Bridging the Gap — 2025 Citizen Free News Archives: She stood alone — a Jewish counter‑protester moving carefully on her crutches, an Israeli flag draped around her shoulders in a sea of Palestinian banners and placards condemning Israel. The crowd did not welcome her presence. She didn’t escalate. She didn’t shout back. She simply remained visible. Photo: On the backside of Two Trams Meet Before the 109th Street Bridge, I painted 2025, Palestine, with my thoughts "From the River to the Sea, Will All Indigenous Someday Be Free?" a layered, contradictory, and deeply human message. It carried her identity, her politics, and the unresolved struggles over land, belonging, and liberation that echo across both global and local histories. When the weekly protest raged on, I saw her making her slow, determined way down the sidewalk, away from the noise.
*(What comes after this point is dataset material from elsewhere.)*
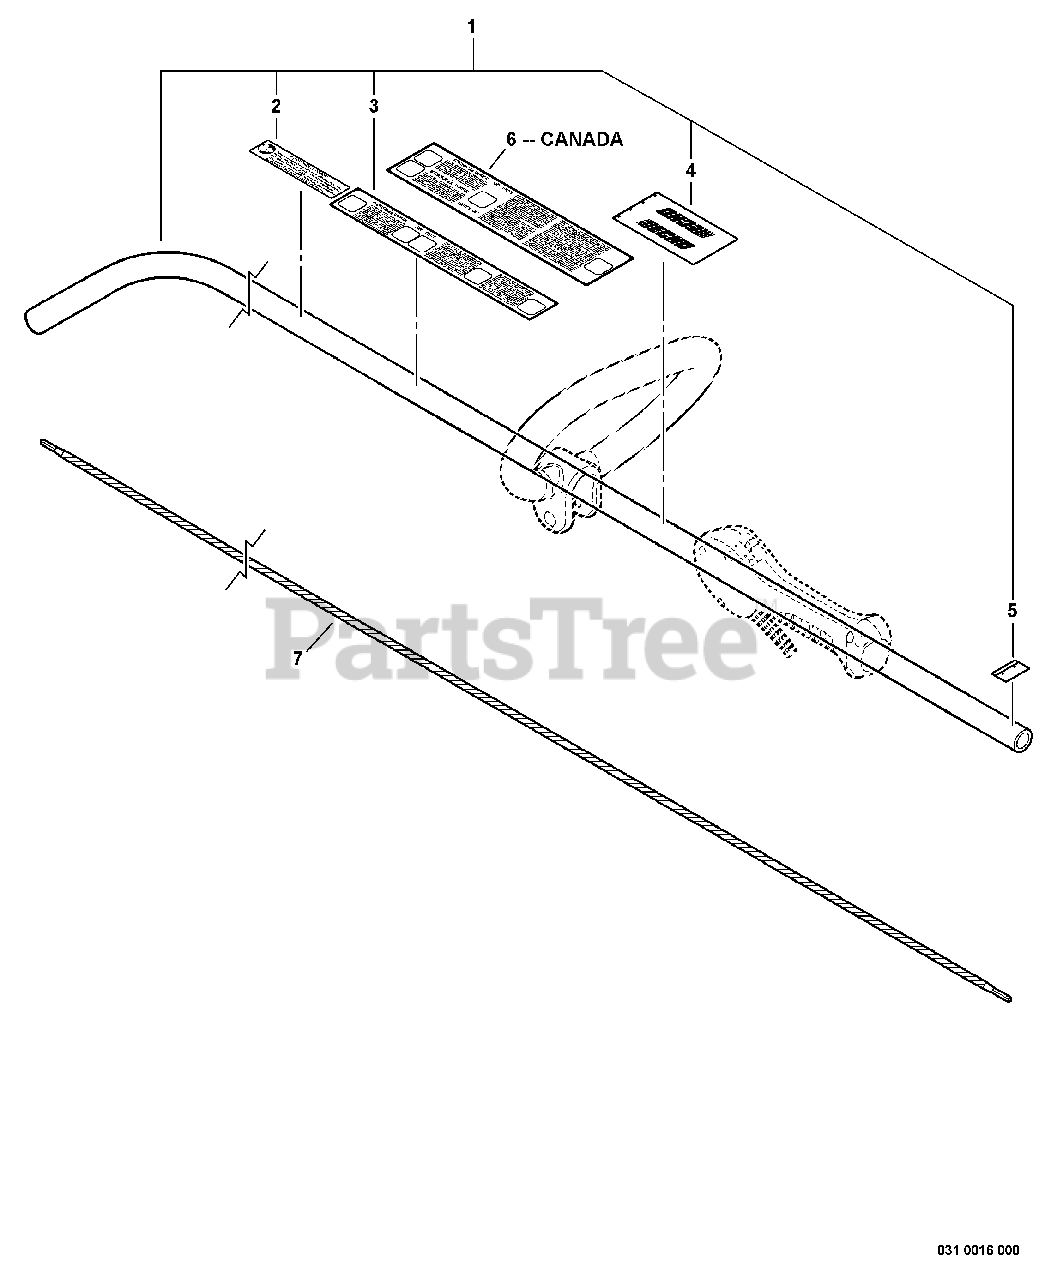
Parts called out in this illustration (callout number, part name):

I caught up to her and invited her into Remedies Café. I bought her a latte — a small gesture of respect for her courage — while dozens of protesters continued chanting outside, including the harsh refrain “all Zionists are racists” at the crossroads of Saskatchewan Drive, just south of the High Level Bridge. Inside this popular Edmonton cafe, the noise softened. She spoke with the steadiness of someone who has lived through more than slogans. Her courage wasn’t confrontational; it was simply the courage to show up for her beloved Israel.
This video, a découpé cut‑up, captures a nine‑kilometer River Valley journey through Edmonton, spotlighting the annual Old Strathcona art walk and the legendary High Level Bridge — its uncertain fate and graffiti lore included. Two Trams Meet, Before the 109th Street Bridge, bridging the gap between north and south, political left and right. Through sun and storm, trams and lightning, it weaves together the past, the present, and a touch of wonder for the future, unknown.